Task to complete:
Word for word, return the lines from the start of the entries below through the line that has "which some entities".
* * * * * * * * *
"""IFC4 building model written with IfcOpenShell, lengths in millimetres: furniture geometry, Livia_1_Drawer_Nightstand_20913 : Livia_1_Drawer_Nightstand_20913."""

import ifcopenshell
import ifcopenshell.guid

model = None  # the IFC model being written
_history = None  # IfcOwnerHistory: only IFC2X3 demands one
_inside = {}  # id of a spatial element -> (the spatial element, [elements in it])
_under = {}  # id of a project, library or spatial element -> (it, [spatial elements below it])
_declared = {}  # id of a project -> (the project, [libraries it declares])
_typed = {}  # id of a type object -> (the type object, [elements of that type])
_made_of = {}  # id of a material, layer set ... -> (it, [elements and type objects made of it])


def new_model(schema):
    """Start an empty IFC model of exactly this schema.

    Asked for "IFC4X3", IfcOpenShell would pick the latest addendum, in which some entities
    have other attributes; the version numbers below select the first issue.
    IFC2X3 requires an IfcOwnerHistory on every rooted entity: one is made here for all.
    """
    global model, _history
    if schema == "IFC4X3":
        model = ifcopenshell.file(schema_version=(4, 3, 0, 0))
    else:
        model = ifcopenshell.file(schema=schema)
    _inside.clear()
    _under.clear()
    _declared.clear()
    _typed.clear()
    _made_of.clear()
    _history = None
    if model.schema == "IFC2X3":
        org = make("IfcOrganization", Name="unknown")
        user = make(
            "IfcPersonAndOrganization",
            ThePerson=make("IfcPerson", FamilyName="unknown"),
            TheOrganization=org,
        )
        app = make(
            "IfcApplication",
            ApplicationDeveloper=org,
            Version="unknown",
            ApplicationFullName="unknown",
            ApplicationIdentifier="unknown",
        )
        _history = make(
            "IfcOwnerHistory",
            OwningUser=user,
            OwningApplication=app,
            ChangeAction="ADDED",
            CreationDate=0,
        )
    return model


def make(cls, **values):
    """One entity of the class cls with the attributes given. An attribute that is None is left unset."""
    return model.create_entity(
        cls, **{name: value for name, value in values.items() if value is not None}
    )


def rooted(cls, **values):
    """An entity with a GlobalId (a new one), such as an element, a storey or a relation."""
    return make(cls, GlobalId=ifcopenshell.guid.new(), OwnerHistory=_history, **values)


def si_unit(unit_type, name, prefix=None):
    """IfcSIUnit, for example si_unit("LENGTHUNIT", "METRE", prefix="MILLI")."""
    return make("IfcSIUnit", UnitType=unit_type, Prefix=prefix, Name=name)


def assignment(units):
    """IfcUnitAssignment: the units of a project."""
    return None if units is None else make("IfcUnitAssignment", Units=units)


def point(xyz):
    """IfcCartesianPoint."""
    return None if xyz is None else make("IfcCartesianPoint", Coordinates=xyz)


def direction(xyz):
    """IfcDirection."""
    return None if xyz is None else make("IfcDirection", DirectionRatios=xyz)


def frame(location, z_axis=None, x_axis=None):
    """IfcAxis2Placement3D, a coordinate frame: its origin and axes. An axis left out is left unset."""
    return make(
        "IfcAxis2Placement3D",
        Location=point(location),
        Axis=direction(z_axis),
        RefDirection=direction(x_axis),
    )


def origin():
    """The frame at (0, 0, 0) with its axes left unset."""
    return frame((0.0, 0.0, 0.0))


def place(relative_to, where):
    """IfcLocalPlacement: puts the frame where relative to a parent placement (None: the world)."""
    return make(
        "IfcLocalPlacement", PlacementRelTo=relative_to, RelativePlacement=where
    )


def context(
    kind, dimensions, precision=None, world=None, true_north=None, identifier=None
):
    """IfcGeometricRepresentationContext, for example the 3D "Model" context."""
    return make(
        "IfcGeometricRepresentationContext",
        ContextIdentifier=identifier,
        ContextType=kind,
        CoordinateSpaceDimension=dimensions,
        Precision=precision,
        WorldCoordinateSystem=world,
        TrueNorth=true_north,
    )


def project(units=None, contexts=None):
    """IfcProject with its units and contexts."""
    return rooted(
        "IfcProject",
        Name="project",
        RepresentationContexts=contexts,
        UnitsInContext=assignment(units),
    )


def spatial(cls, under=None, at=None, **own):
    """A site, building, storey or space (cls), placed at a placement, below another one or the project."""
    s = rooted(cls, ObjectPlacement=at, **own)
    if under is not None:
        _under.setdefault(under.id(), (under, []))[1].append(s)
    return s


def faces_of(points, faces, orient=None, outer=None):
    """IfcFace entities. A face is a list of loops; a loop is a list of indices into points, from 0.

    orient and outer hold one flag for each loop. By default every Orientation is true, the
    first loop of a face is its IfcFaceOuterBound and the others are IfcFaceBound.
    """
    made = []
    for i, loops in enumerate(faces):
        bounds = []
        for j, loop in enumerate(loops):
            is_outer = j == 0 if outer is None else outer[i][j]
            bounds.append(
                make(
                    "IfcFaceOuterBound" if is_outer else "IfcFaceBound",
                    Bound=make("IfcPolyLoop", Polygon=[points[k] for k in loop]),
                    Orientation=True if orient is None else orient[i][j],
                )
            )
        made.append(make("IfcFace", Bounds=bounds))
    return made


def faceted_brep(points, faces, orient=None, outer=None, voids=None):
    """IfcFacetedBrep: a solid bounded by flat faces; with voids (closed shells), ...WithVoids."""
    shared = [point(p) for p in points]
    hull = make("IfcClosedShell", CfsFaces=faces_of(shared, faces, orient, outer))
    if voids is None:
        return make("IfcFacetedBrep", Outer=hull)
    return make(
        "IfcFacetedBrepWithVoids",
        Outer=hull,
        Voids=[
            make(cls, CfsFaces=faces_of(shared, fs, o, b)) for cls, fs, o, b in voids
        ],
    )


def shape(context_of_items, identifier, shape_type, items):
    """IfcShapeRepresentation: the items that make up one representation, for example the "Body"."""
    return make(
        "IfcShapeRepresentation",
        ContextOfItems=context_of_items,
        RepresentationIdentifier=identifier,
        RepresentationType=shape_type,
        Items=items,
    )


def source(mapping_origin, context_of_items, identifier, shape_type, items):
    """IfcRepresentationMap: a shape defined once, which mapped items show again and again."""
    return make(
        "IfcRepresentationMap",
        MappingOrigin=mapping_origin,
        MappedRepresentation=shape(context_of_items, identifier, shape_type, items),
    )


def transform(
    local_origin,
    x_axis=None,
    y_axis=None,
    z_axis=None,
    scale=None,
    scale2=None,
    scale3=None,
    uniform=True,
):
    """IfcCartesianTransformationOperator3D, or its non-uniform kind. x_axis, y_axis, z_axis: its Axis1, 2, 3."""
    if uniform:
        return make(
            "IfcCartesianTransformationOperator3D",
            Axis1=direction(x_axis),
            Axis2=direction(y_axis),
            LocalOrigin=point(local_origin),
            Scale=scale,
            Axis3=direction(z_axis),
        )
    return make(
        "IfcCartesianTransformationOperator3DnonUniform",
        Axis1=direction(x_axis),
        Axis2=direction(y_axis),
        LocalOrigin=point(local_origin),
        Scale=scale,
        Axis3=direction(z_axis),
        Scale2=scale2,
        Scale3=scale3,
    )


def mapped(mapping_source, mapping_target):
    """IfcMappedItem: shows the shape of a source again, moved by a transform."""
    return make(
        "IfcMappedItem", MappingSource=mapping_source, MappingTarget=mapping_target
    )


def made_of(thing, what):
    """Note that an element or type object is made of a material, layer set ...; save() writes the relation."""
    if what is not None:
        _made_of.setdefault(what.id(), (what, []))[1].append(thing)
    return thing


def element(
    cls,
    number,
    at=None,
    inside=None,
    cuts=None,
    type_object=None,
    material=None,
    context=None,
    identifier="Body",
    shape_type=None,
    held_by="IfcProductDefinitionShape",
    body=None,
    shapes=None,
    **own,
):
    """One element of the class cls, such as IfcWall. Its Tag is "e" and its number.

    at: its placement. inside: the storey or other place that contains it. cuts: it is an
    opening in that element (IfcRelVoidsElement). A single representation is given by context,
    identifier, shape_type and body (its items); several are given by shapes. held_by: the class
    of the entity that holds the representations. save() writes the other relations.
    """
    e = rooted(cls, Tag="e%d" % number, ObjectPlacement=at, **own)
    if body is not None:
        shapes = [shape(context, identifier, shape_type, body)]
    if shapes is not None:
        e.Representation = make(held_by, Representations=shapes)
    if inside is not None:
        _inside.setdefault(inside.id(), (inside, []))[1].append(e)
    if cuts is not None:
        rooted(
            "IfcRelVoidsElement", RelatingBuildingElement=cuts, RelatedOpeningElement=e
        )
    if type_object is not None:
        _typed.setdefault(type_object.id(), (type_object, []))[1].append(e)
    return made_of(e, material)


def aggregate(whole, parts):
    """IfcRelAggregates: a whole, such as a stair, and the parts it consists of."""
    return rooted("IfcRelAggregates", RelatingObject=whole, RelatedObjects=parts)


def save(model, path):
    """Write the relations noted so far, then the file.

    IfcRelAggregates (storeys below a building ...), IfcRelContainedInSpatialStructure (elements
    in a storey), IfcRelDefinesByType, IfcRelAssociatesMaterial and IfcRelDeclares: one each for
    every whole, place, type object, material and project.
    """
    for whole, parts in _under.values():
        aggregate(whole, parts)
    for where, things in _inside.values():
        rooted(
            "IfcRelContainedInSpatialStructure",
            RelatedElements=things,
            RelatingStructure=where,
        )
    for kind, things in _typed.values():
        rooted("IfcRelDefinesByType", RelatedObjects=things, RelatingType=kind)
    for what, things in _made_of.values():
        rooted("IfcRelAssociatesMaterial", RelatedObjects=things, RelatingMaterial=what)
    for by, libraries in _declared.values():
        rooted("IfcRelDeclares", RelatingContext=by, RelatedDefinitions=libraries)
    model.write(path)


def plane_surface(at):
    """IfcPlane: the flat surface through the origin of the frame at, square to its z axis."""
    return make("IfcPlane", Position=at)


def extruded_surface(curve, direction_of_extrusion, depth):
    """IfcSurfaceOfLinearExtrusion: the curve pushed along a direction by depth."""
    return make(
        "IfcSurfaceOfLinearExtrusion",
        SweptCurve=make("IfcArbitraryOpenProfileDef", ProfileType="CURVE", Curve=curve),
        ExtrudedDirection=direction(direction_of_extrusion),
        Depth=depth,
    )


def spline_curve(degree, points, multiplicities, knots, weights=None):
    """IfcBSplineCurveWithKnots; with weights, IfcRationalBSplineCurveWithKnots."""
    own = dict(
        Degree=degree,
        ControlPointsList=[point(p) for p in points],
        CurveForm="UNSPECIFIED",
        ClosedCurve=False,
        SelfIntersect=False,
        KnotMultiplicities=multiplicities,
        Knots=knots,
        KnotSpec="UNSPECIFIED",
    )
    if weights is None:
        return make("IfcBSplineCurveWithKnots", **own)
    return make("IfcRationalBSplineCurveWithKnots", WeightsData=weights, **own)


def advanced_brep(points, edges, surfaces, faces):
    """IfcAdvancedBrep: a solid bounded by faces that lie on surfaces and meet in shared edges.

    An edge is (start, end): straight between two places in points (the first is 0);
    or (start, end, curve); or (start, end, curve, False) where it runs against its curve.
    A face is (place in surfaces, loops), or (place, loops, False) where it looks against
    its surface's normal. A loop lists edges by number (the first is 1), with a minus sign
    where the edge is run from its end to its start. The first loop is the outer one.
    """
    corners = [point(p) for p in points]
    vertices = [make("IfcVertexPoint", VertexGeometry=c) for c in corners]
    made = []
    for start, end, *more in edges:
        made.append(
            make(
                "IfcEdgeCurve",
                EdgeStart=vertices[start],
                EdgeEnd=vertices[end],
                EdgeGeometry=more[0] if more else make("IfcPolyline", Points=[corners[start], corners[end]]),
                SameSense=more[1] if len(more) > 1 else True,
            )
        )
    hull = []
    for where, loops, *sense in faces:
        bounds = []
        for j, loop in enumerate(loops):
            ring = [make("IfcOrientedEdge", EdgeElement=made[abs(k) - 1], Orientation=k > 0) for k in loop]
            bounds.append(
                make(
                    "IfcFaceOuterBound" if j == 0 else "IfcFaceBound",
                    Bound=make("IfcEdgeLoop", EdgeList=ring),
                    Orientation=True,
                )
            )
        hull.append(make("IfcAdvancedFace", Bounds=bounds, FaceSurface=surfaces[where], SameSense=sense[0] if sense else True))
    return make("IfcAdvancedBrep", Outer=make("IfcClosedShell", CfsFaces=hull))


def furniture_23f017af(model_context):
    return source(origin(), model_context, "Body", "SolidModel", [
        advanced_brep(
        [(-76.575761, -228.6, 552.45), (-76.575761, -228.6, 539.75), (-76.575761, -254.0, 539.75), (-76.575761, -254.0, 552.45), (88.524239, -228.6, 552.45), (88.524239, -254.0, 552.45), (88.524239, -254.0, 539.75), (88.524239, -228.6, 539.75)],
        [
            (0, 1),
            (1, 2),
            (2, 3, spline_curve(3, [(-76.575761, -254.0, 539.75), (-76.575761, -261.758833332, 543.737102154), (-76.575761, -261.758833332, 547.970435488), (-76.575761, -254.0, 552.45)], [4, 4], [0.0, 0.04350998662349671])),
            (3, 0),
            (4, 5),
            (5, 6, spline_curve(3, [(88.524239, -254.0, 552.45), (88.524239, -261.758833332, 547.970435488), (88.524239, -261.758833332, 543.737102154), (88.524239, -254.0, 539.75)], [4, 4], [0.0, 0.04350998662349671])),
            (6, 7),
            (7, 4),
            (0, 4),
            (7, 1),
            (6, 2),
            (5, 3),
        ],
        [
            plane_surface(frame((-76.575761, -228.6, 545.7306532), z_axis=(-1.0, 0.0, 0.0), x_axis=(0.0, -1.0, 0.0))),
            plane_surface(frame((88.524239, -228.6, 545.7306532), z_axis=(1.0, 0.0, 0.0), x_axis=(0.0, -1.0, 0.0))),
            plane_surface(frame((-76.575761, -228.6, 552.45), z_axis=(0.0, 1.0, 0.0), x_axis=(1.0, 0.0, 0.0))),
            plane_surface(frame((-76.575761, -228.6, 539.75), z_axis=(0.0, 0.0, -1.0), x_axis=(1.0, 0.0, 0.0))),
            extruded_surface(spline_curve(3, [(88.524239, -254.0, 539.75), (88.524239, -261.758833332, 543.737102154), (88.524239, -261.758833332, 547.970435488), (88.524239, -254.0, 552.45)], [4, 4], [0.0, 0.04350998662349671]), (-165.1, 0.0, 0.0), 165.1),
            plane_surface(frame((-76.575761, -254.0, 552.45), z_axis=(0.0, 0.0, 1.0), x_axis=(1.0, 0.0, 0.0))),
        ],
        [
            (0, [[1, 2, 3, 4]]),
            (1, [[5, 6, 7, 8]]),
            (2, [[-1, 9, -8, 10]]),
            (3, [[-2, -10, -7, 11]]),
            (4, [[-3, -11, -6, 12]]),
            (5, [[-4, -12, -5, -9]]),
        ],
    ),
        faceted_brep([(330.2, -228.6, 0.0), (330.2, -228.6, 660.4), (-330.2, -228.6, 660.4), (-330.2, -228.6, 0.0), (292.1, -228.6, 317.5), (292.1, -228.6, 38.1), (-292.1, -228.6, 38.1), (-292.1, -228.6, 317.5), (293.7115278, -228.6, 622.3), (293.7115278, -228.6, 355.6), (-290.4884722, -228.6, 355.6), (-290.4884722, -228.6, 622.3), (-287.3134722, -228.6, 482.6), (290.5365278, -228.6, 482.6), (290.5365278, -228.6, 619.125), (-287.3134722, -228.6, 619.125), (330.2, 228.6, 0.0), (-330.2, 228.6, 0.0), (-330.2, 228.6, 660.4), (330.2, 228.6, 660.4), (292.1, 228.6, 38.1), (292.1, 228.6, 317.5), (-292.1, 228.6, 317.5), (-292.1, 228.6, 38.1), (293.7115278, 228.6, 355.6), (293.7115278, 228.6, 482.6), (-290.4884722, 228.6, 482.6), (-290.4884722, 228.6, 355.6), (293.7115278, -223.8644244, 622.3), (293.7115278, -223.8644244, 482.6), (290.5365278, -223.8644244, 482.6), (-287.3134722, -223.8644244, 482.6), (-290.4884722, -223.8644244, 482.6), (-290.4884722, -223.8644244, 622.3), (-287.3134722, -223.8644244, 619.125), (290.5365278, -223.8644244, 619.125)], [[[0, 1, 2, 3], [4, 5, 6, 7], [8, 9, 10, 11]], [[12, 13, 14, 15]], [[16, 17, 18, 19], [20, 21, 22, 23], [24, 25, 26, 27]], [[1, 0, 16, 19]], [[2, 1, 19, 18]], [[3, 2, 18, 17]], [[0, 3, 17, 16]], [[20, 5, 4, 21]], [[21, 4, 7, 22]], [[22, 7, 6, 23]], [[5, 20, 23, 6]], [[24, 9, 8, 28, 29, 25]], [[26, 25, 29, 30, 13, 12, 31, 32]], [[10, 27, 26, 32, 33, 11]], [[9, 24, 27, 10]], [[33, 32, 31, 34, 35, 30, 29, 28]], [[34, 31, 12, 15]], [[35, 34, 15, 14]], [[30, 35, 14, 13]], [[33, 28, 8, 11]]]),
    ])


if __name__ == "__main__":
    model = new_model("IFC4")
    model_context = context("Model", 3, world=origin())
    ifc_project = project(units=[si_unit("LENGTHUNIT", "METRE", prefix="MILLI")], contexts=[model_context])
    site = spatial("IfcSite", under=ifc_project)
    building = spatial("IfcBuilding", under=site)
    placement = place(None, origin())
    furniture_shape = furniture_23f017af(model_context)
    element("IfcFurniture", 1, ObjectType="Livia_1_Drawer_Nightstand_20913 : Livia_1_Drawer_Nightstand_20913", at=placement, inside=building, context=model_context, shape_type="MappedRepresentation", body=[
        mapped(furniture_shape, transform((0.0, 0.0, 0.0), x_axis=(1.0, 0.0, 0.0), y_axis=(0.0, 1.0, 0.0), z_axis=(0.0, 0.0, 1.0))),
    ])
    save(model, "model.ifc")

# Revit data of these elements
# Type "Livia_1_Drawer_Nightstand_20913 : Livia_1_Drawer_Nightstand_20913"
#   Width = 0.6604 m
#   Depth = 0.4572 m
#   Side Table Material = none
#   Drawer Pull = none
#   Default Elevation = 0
* * * * * * * * *
Response to this task:
"""IFC4 building model written with IfcOpenShell, lengths in millimetres: furniture geometry, Livia_1_Drawer_Nightstand_20913 : Livia_1_Drawer_Nightstand_20913."""

import ifcopenshell
import ifcopenshell.guid

model = None  # the IFC model being written
_history = None  # IfcOwnerHistory: only IFC2X3 demands one
_inside = {}  # id of a spatial element -> (the spatial element, [elements in it])
_under = {}  # id of a project, library or spatial element -> (it, [spatial elements below it])
_declared = {}  # id of a project -> (the project, [libraries it declares])
_typed = {}  # id of a type object -> (the type object, [elements of that type])
_made_of = {}  # id of a material, layer set ... -> (it, [elements and type objects made of it])


def new_model(schema):
    """Start an empty IFC model of exactly this schema.

    Asked for "IFC4X3", IfcOpenShell would pick the latest addendum, in which some entities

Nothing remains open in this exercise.